Aim of the exercise » Your task is to restate exactly the lines from the one holding "STEP (ISO 10303-21)" to the end of the entries below, inclusive.

Given data »

* * * * * * * * *

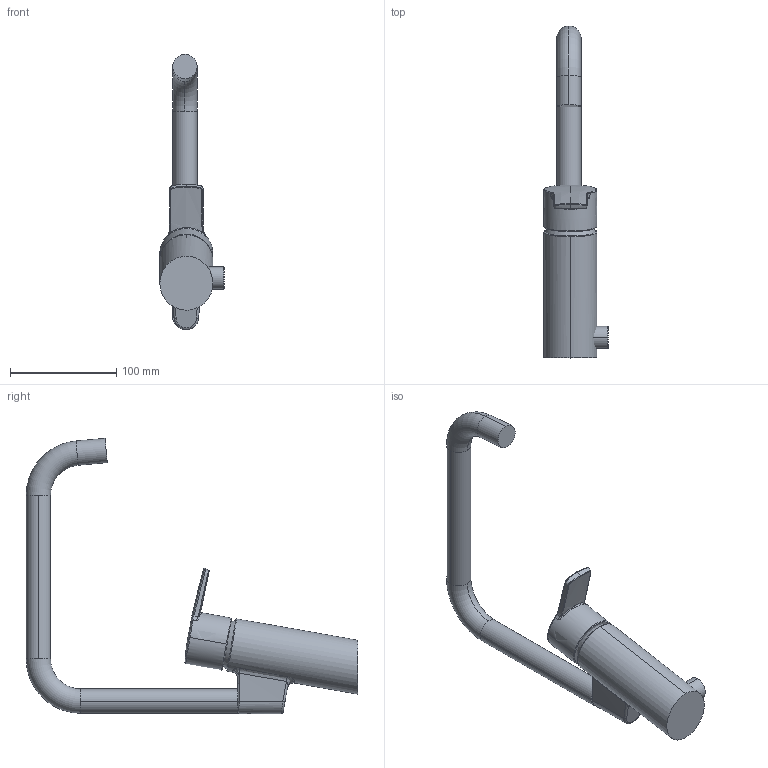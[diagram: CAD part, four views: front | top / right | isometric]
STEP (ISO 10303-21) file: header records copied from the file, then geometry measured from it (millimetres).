
FILE_DESCRIPTION (( 'STEP AP203' ), '1' );
FILE_NAME ('2839F-Y.STEP', '2017-09-21T10:31:04', ( '' ), ( '' ), 'SwSTEP 2.0', 'SolidWorks 2016', '' );
FILE_SCHEMA (( 'CONFIG_CONTROL_DESIGN' ));
Length unit declared in the file: millimetre
Products named in the file (1): 2839F-Y
Bounding box: 60.61 x 312.61 x 259.43 mm (x, y, z)
Surface area: 76847 mm2 (no closed solid volume)
Topology: 0 solids, 5 shells, 80 faces, 198 edges, 124 vertices
Faces by surface type: bspline 42, cylinder 14, torus 14, plane 7, cone 2, sphere 1
Entity records: 6430 total; most frequent: CARTESIAN_POINT 4835, ORIENTED_EDGE 384, DIRECTION 227, EDGE_CURVE 195, VERTEX_POINT 122, AXIS2_PLACEMENT_3D 105, B_SPLINE_CURVE_WITH_KNOTS 87, FACE_OUTER_BOUND 80

* * * * * * * * *

Output for this task »
STEP (ISO 10303-21) file: header records copied from the file, then geometry measured from it (millimetres).
FILE_DESCRIPTION (( 'STEP AP203' ), '1' );
FILE_NAME ('2839F-Y.STEP', '2017-09-21T10:31:04', ( '' ), ( '' ), 'SwSTEP 2.0', 'SolidWorks 2016', '' );
FILE_SCHEMA (( 'CONFIG_CONTROL_DESIGN' ));
Length unit declared in the file: millimetre
Products named in the file (1): 2839F-Y
Bounding box: 60.61 x 312.61 x 259.43 mm (x, y, z)
Surface area: 76847 mm2 (no closed solid volume)
Topology: 0 solids, 5 shells, 80 faces, 198 edges, 124 vertices
Faces by surface type: bspline 42, cylinder 14, torus 14, plane 7, cone 2, sphere 1
Entity records: 6430 total; most frequent: CARTESIAN_POINT 4835, ORIENTED_EDGE 384, DIRECTION 227, EDGE_CURVE 195, VERTEX_POINT 122, AXIS2_PLACEMENT_3D 105, B_SPLINE_CURVE_WITH_KNOTS 87, FACE_OUTER_BOUND 80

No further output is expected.